Edit: Are they going to be shifting to MPEG-4 for the other non-local HDTV channels? IOW, do I hve to worry about an HR10-250 not working with, say HBO-HD or HDNet?


----------



## rminsk (Jun 4, 2002)

Fleegle said:


> Right. I was trying to find out if the 250 would record my locals over the satellite. I don't have an OTA antenna and I was trying to avoid buying one.


The OTA antenna will most of the time have a less compressed picture than DirecTV. DirecTV recompressed the signals.


----------



## phox_mulder (Feb 23, 2006)

Fleegle said:


> Edit: Are they going to be shifting to MPEG-4 for the other non-local HDTV channels? IOW, do I hve to worry about an HR10-250 not working with, say HBO-HD or HDNet?


Consensus is that they will remain where they are for quite some time.

Future adds may or may not be MPEG4 (SCI-FI HD for example) when and if they add an major HD networks.

I for one am hoping they do it in MPEG2 and leave MPEG4 for the HD locals.

phox


----------



## bidger (Mar 30, 2001)

Fleegle, I have a friend in Mesa who, when I plugged in his address at www.antennaweb.org, is able to pick up every broadcast networks' digital feed using an indoor powered antenna. You might want to plug your address in and see what's available. I'd rather pay ~$25 in a one-time fee for an antenna than to have to pay monthly for channels I could get for free. I just wish I was in that situation. I can't get clear feeds of CBS, FOX, or PBS.


----------



## Fleegle (Jan 15, 2002)

bidger said:


> Fleegle, I have a friend in Mesa who, when I plugged in his address at www.antennaweb.org, is able to pick up every broadcast networks' digital feed using an indoor powered antenna. You might want to plug your address in and see what's available. I'd rather pay ~$25 in a one-time fee for an antenna than to have to pay monthly for channels I could get for free. I just wish I was in that situation. I can't get clear feeds of CBS, FOX, or PBS.

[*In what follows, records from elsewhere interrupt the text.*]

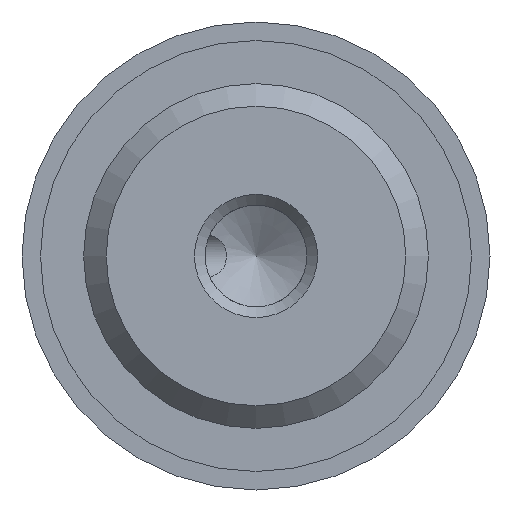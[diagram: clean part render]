
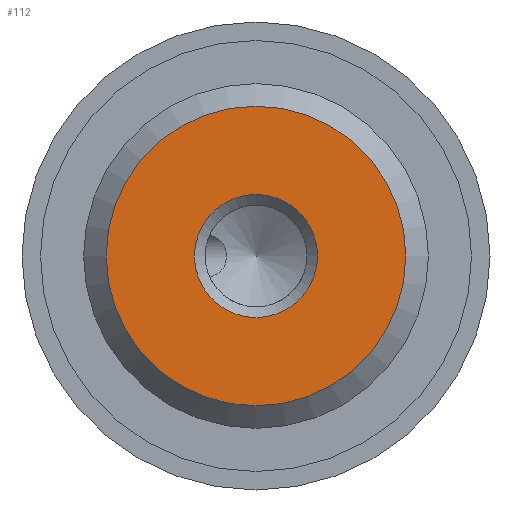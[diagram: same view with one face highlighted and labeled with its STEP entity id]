
A CAD part, front view. The second image highlights one B-rep face of the part: STEP entity #112.
In plain terms, the highlighted planar face has unit normal (0, -1, 0).
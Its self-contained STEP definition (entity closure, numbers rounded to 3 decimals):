
#112 = ADVANCED_FACE( '', ( #208, #209 ), #210, .F. );
#208 = FACE_BOUND( '', #330, .T. );
#209 = FACE_OUTER_BOUND( '', #331, .T. );
#210 = PLANE( '', #332 );
#330 = EDGE_LOOP( '', ( #652 ) );
#331 = EDGE_LOOP( '', ( #653 ) );
#332 = AXIS2_PLACEMENT_3D( '', #654, #655, #656 );
#652 = ORIENTED_EDGE( '', *, *, #874, .F. );
#653 = ORIENTED_EDGE( '', *, *, #876, .T. );
#654 = CARTESIAN_POINT( '', ( 6.08, 0., 0. ) );
#655 = DIRECTION( '', ( 0., 1., 0. ) );
#656 = DIRECTION( '', ( 0., 0., 1. ) );
#874 = EDGE_CURVE( '', #1066, #1066, #1067, .T. );
#876 = EDGE_CURVE( '', #1070, #1070, #1071, .T. );
#1066 = VERTEX_POINT( '', #1463 );
#1067 = CIRCLE( '', #1464, 2.5 );
#1070 = VERTEX_POINT( '', #1467 );
#1071 = CIRCLE( '', #1468, 6.08 );
#1463 = CARTESIAN_POINT( '', ( 2.5, 0., 0. ) );
#1464 = AXIS2_PLACEMENT_3D( '', #1599, #1600, #1601 );
#1467 = CARTESIAN_POINT( '', ( 0., 0., -6.08 ) );
#1468 = AXIS2_PLACEMENT_3D( '', #1605, #1606, #1607 );
#1599 = CARTESIAN_POINT( '', ( 0., 0., 0. ) );
#1600 = DIRECTION( '', ( 0., -1., 0. ) );
#1601 = DIRECTION( '', ( 1., 0., 0. ) );
#1605 = CARTESIAN_POINT( '', ( 0., 0., 0. ) );
#1606 = DIRECTION( '', ( 0., -1., 0. ) );
#1607 = DIRECTION( '', ( 0., 0., -1. ) );

Interesting site. According to that, it says the"small milti-directional" antennas should give me access to all of the digital channels. They all show "yellow". Anyone have a link to a decent looking small antenna that should work?


----------



## bidger (Mar 30, 2001)

If you're open to online shopping, I've seen a lot of people reference this site. For the small multi-directional, you should have a lot of options, like your local electronics stores.


----------



## super dave (Oct 1, 2002)

Fleegle said:


> Interesting site. According to that, it says the"small milti-directional" antennas should give me access to all of the digital channels. They all show "yellow". Anyone have a link to a decent looking small antenna that should work?


If you want to try without hassling much try this  indoor antenna from Terk. I use the directional one, as my locals are all on the same tower. I tried an indoor because I didn't want to run cabling down from the attic, and I can't decide what I am going to do once Comcast has the TiVo box out this July. Their HD is way better, but they still are Comcast  .


----------



## hancox (Dec 17, 2004)

HomieG said:


> Actually, it may not be. According to other posts, DirecTV is compressing their MPEG-4 HD locals quite a bit. Using the HR10-250, you can record them OTA and get much better quality. Besides, I thought you were asking about MPEG-4. AFAIK, the HR10-250 is not an MPEG-4 TiVo.


FUD. "compressing their MPEG-4HD locals quite a bit" is a nice play on words. Of course they are, that's the idea. The rub is whether or not this newer compression (yes, at higher levels) degrades PQ. The vast majority of posts I've seen on it say it doesn't.


----------



## Fleegle (Jan 15, 2002)

hancox said:


> FUD. "compressing their MPEG-4HD locals quite a bit" is a nice play on words. Of course they are, that's the idea. The rub is whether or not this newer compression (yes, at higher levels) degrades PQ. The vast majority of posts I've seen on it say it doesn't.


But that really doesn't matter since the HR10-250 won't even acept the MPEG4 signals. This is a mute point.

You know, like it can't talk...


----------



## fjwagner (Jan 22, 2006)

Fleegle said:


> Interesting site. According to that, it says the"small milti-directional" antennas should give me access to all of the digital channels. They all show "yellow". Anyone have a link to a decent looking small antenna that should work?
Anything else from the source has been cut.